I'm reading through a paper which presents at some point an optimization step to a function of the form:
$$ E = \sum_i \left|\alpha_i - \beta_i \right| $$
where $\alpha_i$ and $\beta_i$ are also functions, it doesn't really matter the specific form. But what is claimed is that the problem is solved using a L-BFGS method. I thought there was a mistake in the formula but they took inspiration from another paper where the same formula is showed, with the difference in the latter paper a Quasi Newton method is mentioned.
Now... as far as I know the function needs to be at least twice differentiable, and the function $E$ isn't.
Is there some form of trick that is usually applied? I know you can approximate the $|\cdot|$ by a differentiable function (such as $f_n(x) = \frac{1}{n} \ln(\cosh(nx))$, but there's no mention to any approximation.
The other "trick" I can think of is just to compute the derivative of the step function as the signum function (regardless of what happens at 0).

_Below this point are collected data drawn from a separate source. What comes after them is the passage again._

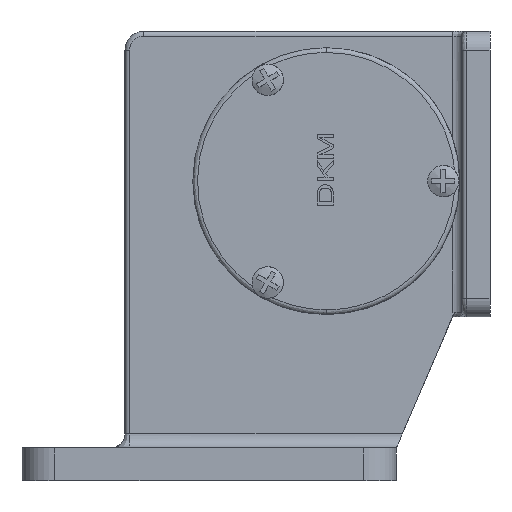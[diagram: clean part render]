
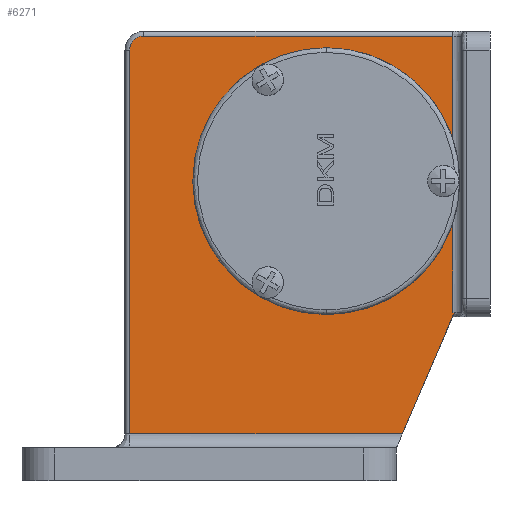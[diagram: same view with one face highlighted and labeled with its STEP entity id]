
A CAD part, left-side view. The second image highlights one B-rep face of the part: STEP entity #6271.
In plain terms, the highlighted planar face has unit normal (-1, 0, 0).
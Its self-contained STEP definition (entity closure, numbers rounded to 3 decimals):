
#152 = CARTESIAN_POINT ( 'NONE',  ( -18., 75.757, 31. ) ) ;
#370 = CARTESIAN_POINT ( 'NONE',  ( -18., 74., 31. ) ) ;
#513 = ORIENTED_EDGE ( 'NONE', *, *, #3285, .F. ) ;
#552 = VERTEX_POINT ( 'NONE', #12952 ) ;
#583 = CARTESIAN_POINT ( 'NONE',  ( -18., 35., 0. ) ) ;
#933 = DIRECTION ( 'NONE',  ( 0., 0., -1. ) ) ;
#1103 = CIRCLE ( 'NONE', #10080, 28.5 ) ;
#1187 = ORIENTED_EDGE ( 'NONE', *, *, #8790, .F. ) ;
#1259 = CARTESIAN_POINT ( 'NONE',  ( -18., 35., -28.5 ) ) ;
#1375 = CARTESIAN_POINT ( 'NONE',  ( -18., 8., -11.5 ) ) ;
#1590 = LINE ( 'NONE', #1375, #11371 ) ;
#1702 = VERTEX_POINT ( 'NONE', #9174 ) ;
#1729 = CARTESIAN_POINT ( 'NONE',  ( -18., 7.67, -28.231 ) ) ;
#1799 = DIRECTION ( 'NONE',  ( -1., 0., 0. ) ) ;
#1928 = ORIENTED_EDGE ( 'NONE', *, *, #9224, .F. ) ;
#2006 = VERTEX_POINT ( 'NONE', #3344 ) ;
#2473 = CARTESIAN_POINT ( 'NONE',  ( -18., 8., 9.124 ) ) ;
#2505 = AXIS2_PLACEMENT_3D ( 'NONE', #6604, #6458, #9845 ) ;
#2514 = CIRCLE ( 'NONE', #8418, 28.5 ) ;
#2624 = CARTESIAN_POINT ( 'NONE',  ( -18., 47.682, -54. ) ) ;
#2664 = ORIENTED_EDGE ( 'NONE', *, *, #12839, .T. ) ;
#2719 = EDGE_CURVE ( 'NONE', #3214, #4947, #12537, .T. ) ;
#2822 = DIRECTION ( 'NONE',  ( 0., 0., -1. ) ) ;
#3214 = VERTEX_POINT ( 'NONE', #11022 ) ;
#3285 = EDGE_CURVE ( 'NONE', #4147, #552, #2514, .T. ) ;
#3306 = PLANE ( 'NONE',  #2505 ) ;
#3344 = CARTESIAN_POINT ( 'NONE',  ( -18., 77., -54. ) ) ;
#3444 = VERTEX_POINT ( 'NONE', #370 ) ;
#3579 = ORIENTED_EDGE ( 'NONE', *, *, #7777, .F. ) ;
#3724 = VECTOR ( 'NONE', #4073, 1000. ) ;
#3838 = CARTESIAN_POINT ( 'NONE',  ( -18., 7.67, -28.231 ) ) ;
#3850 = DIRECTION ( 'NONE',  ( -1., 0., 0. ) ) ;
#3883 = EDGE_CURVE ( 'NONE', #6260, #1702, #9758, .T. ) ;
#3949 = LINE ( 'NONE', #2624, #13568 ) ;
#4073 = DIRECTION ( 'NONE',  ( 0., -0.394, 0.919 ) ) ;
#4147 = VERTEX_POINT ( 'NONE', #2473 ) ;
#4277 = LINE ( 'NONE', #4445, #12895 ) ;
#4445 = CARTESIAN_POINT ( 'NONE',  ( -18., 41., 31. ) ) ;
#4848 =( BOUNDED_CURVE ( )  B_SPLINE_CURVE ( 3, ( #12221, #13262, #152, #8783 ),
 .UNSPECIFIED., .F., .F. ) 
 B_SPLINE_CURVE_WITH_KNOTS ( ( 4, 4 ),
 ( 0., 1. ),
 .UNSPECIFIED. ) 
 CURVE ( )  GEOMETRIC_REPRESENTATION_ITEM ( )  RATIONAL_B_SPLINE_CURVE ( ( 0.957, 0.77, 0.77, 0.957 ) ) 
 REPRESENTATION_ITEM ( '' )  );
#4857 = FACE_OUTER_BOUND ( 'NONE', #11836, .T. ) ;
#4947 = VERTEX_POINT ( 'NONE', #1729 ) ;
#4989 = AXIS2_PLACEMENT_3D ( 'NONE', #6196, #11624, #10536 ) ;
#5403 = ORIENTED_EDGE ( 'NONE', *, *, #10452, .T. ) ;
#5540 = DIRECTION ( 'NONE',  ( 0., 1., 0. ) ) ;
#5566 = VERTEX_POINT ( 'NONE', #12647 ) ;
#5644 = CARTESIAN_POINT ( 'NONE',  ( -18., 8., 31. ) ) ;
#5672 = ORIENTED_EDGE ( 'NONE', *, *, #2719, .F. ) ;
#5753 = DIRECTION ( 'NONE',  ( 0., 1., 0. ) ) ;
#6196 = CARTESIAN_POINT ( 'NONE',  ( -18., 35., 0. ) ) ;
#6260 = VERTEX_POINT ( 'NONE', #1259 ) ;
#6271 = ADVANCED_FACE ( 'NONE', ( #4857 ), #3306, .F. ) ;
#6458 = DIRECTION ( 'NONE',  ( 1., 0., 0. ) ) ;
#6604 = CARTESIAN_POINT ( 'NONE',  ( -18., 7.254, 31. ) ) ;
#6832 = CARTESIAN_POINT ( 'NONE',  ( -18., 18.714, -54. ) ) ;
#7096 = CARTESIAN_POINT ( 'NONE',  ( -18., 7.894, -28.074 ) ) ;
#7139 = CARTESIAN_POINT ( 'NONE',  ( -18., 35., 0. ) ) ;
#7146 = VECTOR ( 'NONE', #8581, 1000. ) ;
#7160 = ORIENTED_EDGE ( 'NONE', *, *, #8298, .F. ) ;
#7395 = CARTESIAN_POINT ( 'NONE',  ( -18., 8., -11.5 ) ) ;
#7484 = LINE ( 'NONE', #13946, #7146 ) ;
#7777 = EDGE_CURVE ( 'NONE', #552, #6260, #1103, .T. ) ;
#7920 = LINE ( 'NONE', #11574, #3724 ) ;
#8063 = ORIENTED_EDGE ( 'NONE', *, *, #10857, .T. ) ;
#8137 = CARTESIAN_POINT ( 'NONE',  ( -18., 7.785, -28.152 ) ) ;
#8298 = EDGE_CURVE ( 'NONE', #10992, #2006, #3949, .T. ) ;
#8418 = AXIS2_PLACEMENT_3D ( 'NONE', #7139, #1799, #10479 ) ;
#8581 = DIRECTION ( 'NONE',  ( 0., 0., -1. ) ) ;
#8752 = EDGE_CURVE ( 'NONE', #1702, #3214, #1590, .T. ) ;
#8783 = CARTESIAN_POINT ( 'NONE',  ( -18., 74., 31. ) ) ;
#8790 = EDGE_CURVE ( 'NONE', #5566, #3444, #4848, .T. ) ;
#8831 = DIRECTION ( 'NONE',  ( 0., 0., -1. ) ) ;
#8875 = ORIENTED_EDGE ( 'NONE', *, *, #8752, .F. ) ;
#9163 = VECTOR ( 'NONE', #933, 1000. ) ;
#9174 = CARTESIAN_POINT ( 'NONE',  ( -18., 8., -9.124 ) ) ;
#9224 = EDGE_CURVE ( 'NONE', #12283, #4147, #12061, .T. ) ;
#9758 = CIRCLE ( 'NONE', #4989, 28.5 ) ;
#9845 = DIRECTION ( 'NONE',  ( 0., 0., -1. ) ) ;
#10080 = AXIS2_PLACEMENT_3D ( 'NONE', #583, #3850, #2822 ) ;
#10452 = EDGE_CURVE ( 'NONE', #12283, #3444, #4277, .T. ) ;
#10479 = DIRECTION ( 'NONE',  ( 0., 0., -1. ) ) ;
#10536 = DIRECTION ( 'NONE',  ( 0., 0., -1. ) ) ;
#10857 = EDGE_CURVE ( 'NONE', #5566, #2006, #7484, .T. ) ;
#10992 = VERTEX_POINT ( 'NONE', #6832 ) ;
#11022 = CARTESIAN_POINT ( 'NONE',  ( -18., 8., -28. ) ) ;
#11371 = VECTOR ( 'NONE', #8831, 1000. ) ;
#11481 = CARTESIAN_POINT ( 'NONE',  ( -18., 8., -28. ) ) ;
#11574 = CARTESIAN_POINT ( 'NONE',  ( -18., 13.798, -42.529 ) ) ;
#11624 = DIRECTION ( 'NONE',  ( -1., 0., 0. ) ) ;
#11836 = EDGE_LOOP ( 'NONE', ( #7160, #2664, #5672, #8875, #13614, #3579, #513, #1928, #5403, #1187, #8063 ) ) ;
#12061 = LINE ( 'NONE', #7395, #9163 ) ;
#12221 = CARTESIAN_POINT ( 'NONE',  ( -18., 77., 28. ) ) ;
#12283 = VERTEX_POINT ( 'NONE', #5644 ) ;
#12537 = B_SPLINE_CURVE_WITH_KNOTS ( 'NONE', 3,
 ( #11481, #7096, #8137, #3838 ),
 .UNSPECIFIED., .F., .F.,
 ( 4, 4 ),
 ( 0., 1. ),
 .UNSPECIFIED. ) ;
#12647 = CARTESIAN_POINT ( 'NONE',  ( -18., 77., 28. ) ) ;
#12839 = EDGE_CURVE ( 'NONE', #10992, #4947, #7920, .T. ) ;
#12895 = VECTOR ( 'NONE', #5540, 1000. ) ;
#12952 = CARTESIAN_POINT ( 'NONE',  ( -18., 35., 28.5 ) ) ;
#13262 = CARTESIAN_POINT ( 'NONE',  ( -18., 77., 29.757 ) ) ;
#13568 = VECTOR ( 'NONE', #5753, 1000. ) ;
#13614 = ORIENTED_EDGE ( 'NONE', *, *, #3883, .F. ) ;
#13946 = CARTESIAN_POINT ( 'NONE',  ( -18., 77., -13. ) ) ;

What I would do is doing something like what I mentioned, my question is... is this what would have been done in practice?
The reasons are unknown yet, and nobody possesses a proof, but it turns out that in practice BFGS style algorithms do converge on many non-smooth problems too, as was pointed out by Prof. Adrian Lewis in this excellent talk on slides 3-4.
Update
It seems that some results explaining why quasi-newton methods work in this case are available. See, for example, this paper.